(1.) By this order I propose to decide three connected Appeals bearing No. 169 of 1985, 170 of 1985 and 171 of 1985, all of which have been filed by the claimants. The original lis i.e. claim petitions likewise were decided by the Motor Accident Claims Tribunal and the learned Counsel for the parties also suggest same method to be adopted by this Court.
(2.) Inasmuch as there is no controversy now with regard to negligence and the one who was responsible for causing the accident and that the claimants only ask for further enhancing the compensation granted to them, it is not necessary at all to deal with how and in what manner the accident took place. Suffice, therefore, it to say in F.A.O. No. 169 of 1985, the claimants are parents to Kulbhushan, their son who died at prime age i.e. when he was 26 years of age. F.A.O. No. 171 of 1985 is filed by the claimants who happened to be the widow, a minor son and out of parents the father, who still survives whereas the mother died during the pendency of the petition before the Motor Accident Claims Tribunal. Surja Ram also died at his prime age when he was only 24 years old. Dhan Raj a Halwai by evocation suffered multiple injuries and on account of that staked his claim to the tune of Rs. 1,50,000/-. The claimants in F.A.O. 169 of 1985 i.e. parents of Kulbhushan claimed Rs. 2,00,000/- as compensation whereas dependents of Surja Ram staked their claims to the tune of Rs. 1,00,000/-. Parents of Kulbhushan were granted Rs. 48,000/- by the Tribunal whereas dependents of Surja Ram were granted Rs. 38,400/-. So far as Dhan Raj is concerned, he was granted Rs. 32,000/- by the Motor Accident Claims Tribunal.

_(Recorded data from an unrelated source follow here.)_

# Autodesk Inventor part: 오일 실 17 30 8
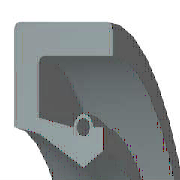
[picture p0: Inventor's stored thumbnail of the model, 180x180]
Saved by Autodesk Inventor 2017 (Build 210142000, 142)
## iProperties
IsCustomPart: 1
Created: 2012-02
Part Number: 오일 실 17 30 8
Material: 고무
Description: 오일-실
Document SubType Name: Modeling
Standard: KS B 2804
Designer: test
Standards Organization: KS
Language: ko-KR
Size Designation: S - 17 32 8
Categories: <MemberInstance><Categories><Category DisplayName="샤프트 부품" InternalName="7f7aeb1f-a693-4053-b835-cee3144e0d98" Mnemonic="SHFT"><Category DisplayName="실링" Intern
Density: 0.93 g/cm^3
Appearance: 고무 - 검은색 - 버전 1.1
Author: test
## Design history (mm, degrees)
revolve "본체" stored, may be unused: angle "d17" = 90 deg
revolve "스프링1" stored, may be unused: angle "d18" = 90 deg
body "Solid1"
sketch "스케치1"
  geometry: L1 (0, 15)-(8, 15); L2 (8, 15)-(8, 13.75); L3 (8, 13.75)-(1.75, 13.75); L4 (0, 15)-(0, 10.6); L5 (0, 10.6)-(1.75, 10.25); L6 (1.75, 10.25)-(4.9, 8.5); L7 (4.9, 8.5)-(0, 8.5); L8 (6.3, 9.375)-(6.3, 10.6); L9 (0, 0)-(9.586, 0) reference; L10 (4.9, 8.5)-(6.3, 9.375); L11 (0, 19.2)-(0, -3.2) reference; L12 (-1.917, 0)-(11.503, 0) reference; L13 (4.2, 10.6)-(1.75, 11.09); L14 (1.75, 11.09)-(1.75, 13.75); L15 (6.3, 10.6)-(5.6, 10.6); C1 r 0.455 at (4.9, 10.6); A1 r 0.7 centre (4.9, 10.6) between (5.6, 10.6) and (4.2, 10.6)
  constraints: 26 end point, 5 horizontal alignment, 4 perpendicular, 2 centre point, 2 collinear, 2 horizontal, 2 parallel, 2 point on circle, 2 point on line, 2 vertical alignment, 1 coincident
  dimensions: "d0" = 30 diameter of L1 L9 (= SD2); "d1" = 18.75 diameter of L8.start L9 (= ABDM); "d2" = 1.25 distance of L1.end L2.end (computed from SD); "d3" = 0.91 diameter of C1 (= SPDI); "d4" = 1.4 diameter of A1 (= SPDA); "d5" = 17 diameter of L6.end L9 (= NND); "d6" = 20.5 diameter of L5.end L9 (= TKDM); "d7" = 21.2 diameter of L4.end L9 (= HLDM); "d8" = 4.9 distance from line of C1.centre L4 (= SPDST); "d9" = 6.3 distance between parallel lines of L8 L4 (= SDI); "d10" = 8 distance between parallel lines of L2 L4 (= SWDT); "d12" = 1.75 distance between parallel lines of L14 L4 (= SD)
fillet "모깎기1" dims "d11" = 0.3 (= RR)
other parameters: "SD2" = 30 [user parameter; used in 1 equation term], "SWDT" = 8 [user parameter; used in 1 equation term], "RR" = 0.3 [user parameter; used in 1 equation term], "SD" = 1.75 [user parameter; used in 2 equation terms], "NND" = 17 [user parameter; used in 1 equation term], "SPDA" = 1.4 [user parameter; used in 1 equation term], "SPDI" = 0.91 [user parameter; used in 1 equation term], "TKDM" = 20.5 [user parameter; used in 1 equation term], "HLDM" = 21.2 [user parameter; used in 1 equation term], "ABDM" = 18.75 [user parameter; used in 1 equation term], "SDI" = 6.3 [user parameter; used in 1 equation term], "SPDST" = 4.9 [user parameter; used in 1 equation term], "d13" = 0, "d14" = 0, "d15" = 0, "LAB" = 0.35 [user parameter]

(3.) I have heard the learned counsel representing the parties on the quantum of compensation and I am of the clear view that in all appeals the claimants are entitled to much more than that was given by the Motor Accident Claims Tribunal. It may be mentioned here that while working out the compensation the Tribunal did not return a positive finding with regard to the income of the deceased or the injured. I have been taken through the evidence with regard to income of those who died as also of Dhan Raj who was injured. It has come in the evidence that in so far as Kulbhushan is concerned, he was having an income of Rs. 2,000/- per month. Ex.AX an assessment order of income-tax for the year 1981-82 depicting the net income of deceased Kulbhushan deceased was also place on record. It is usually seen that the income in the income-tax returns is not exactly to the tune of income of a person and some attempt is always made to under assess it so that a person may not have to pay more income-tax. However, that may not be a ground to assess the income of the person on a higher side i.e. more than depicted in his income-tax returns but in the present case, the evidence clearly shows that the deceased was running shoe shop at Hissar which is and was always a developing town. In due course of time, the income of this person would have gone up. The average of Rs. 2,000/- as his income was not, therefore, on a very higher. It is this amount which ought to have been seen by the Tribunal to work out the dependency of parents of Kulbhushan. It is true that Kulbhushan was not married and that he could not have been parting with his substantial income to his parents. However, it can well be imagined that he was contributing atleast Rs. 500/- per month to help out his parents. The Tribunal has applied a multiplier of 16 and that seems to be just and proper as the parents of Kulbhushan were not very old. The father of Kulbhushan at the time when the later i.e. Kulbhushan died was 51 years of age. His mother was, of course 2/3 years younger to him. Working out, thus, the dependency of the parents at Rs. 500/- per month and applying a multiplier of 16, the claimants become entitled to Rs. 96,000/-. The compensation payable to them is, thus, held to be Rs. 96,000/-. The claimants shall also be entitled to 12% interest from the date they made an application to the Motor Accident Claims Tribunal.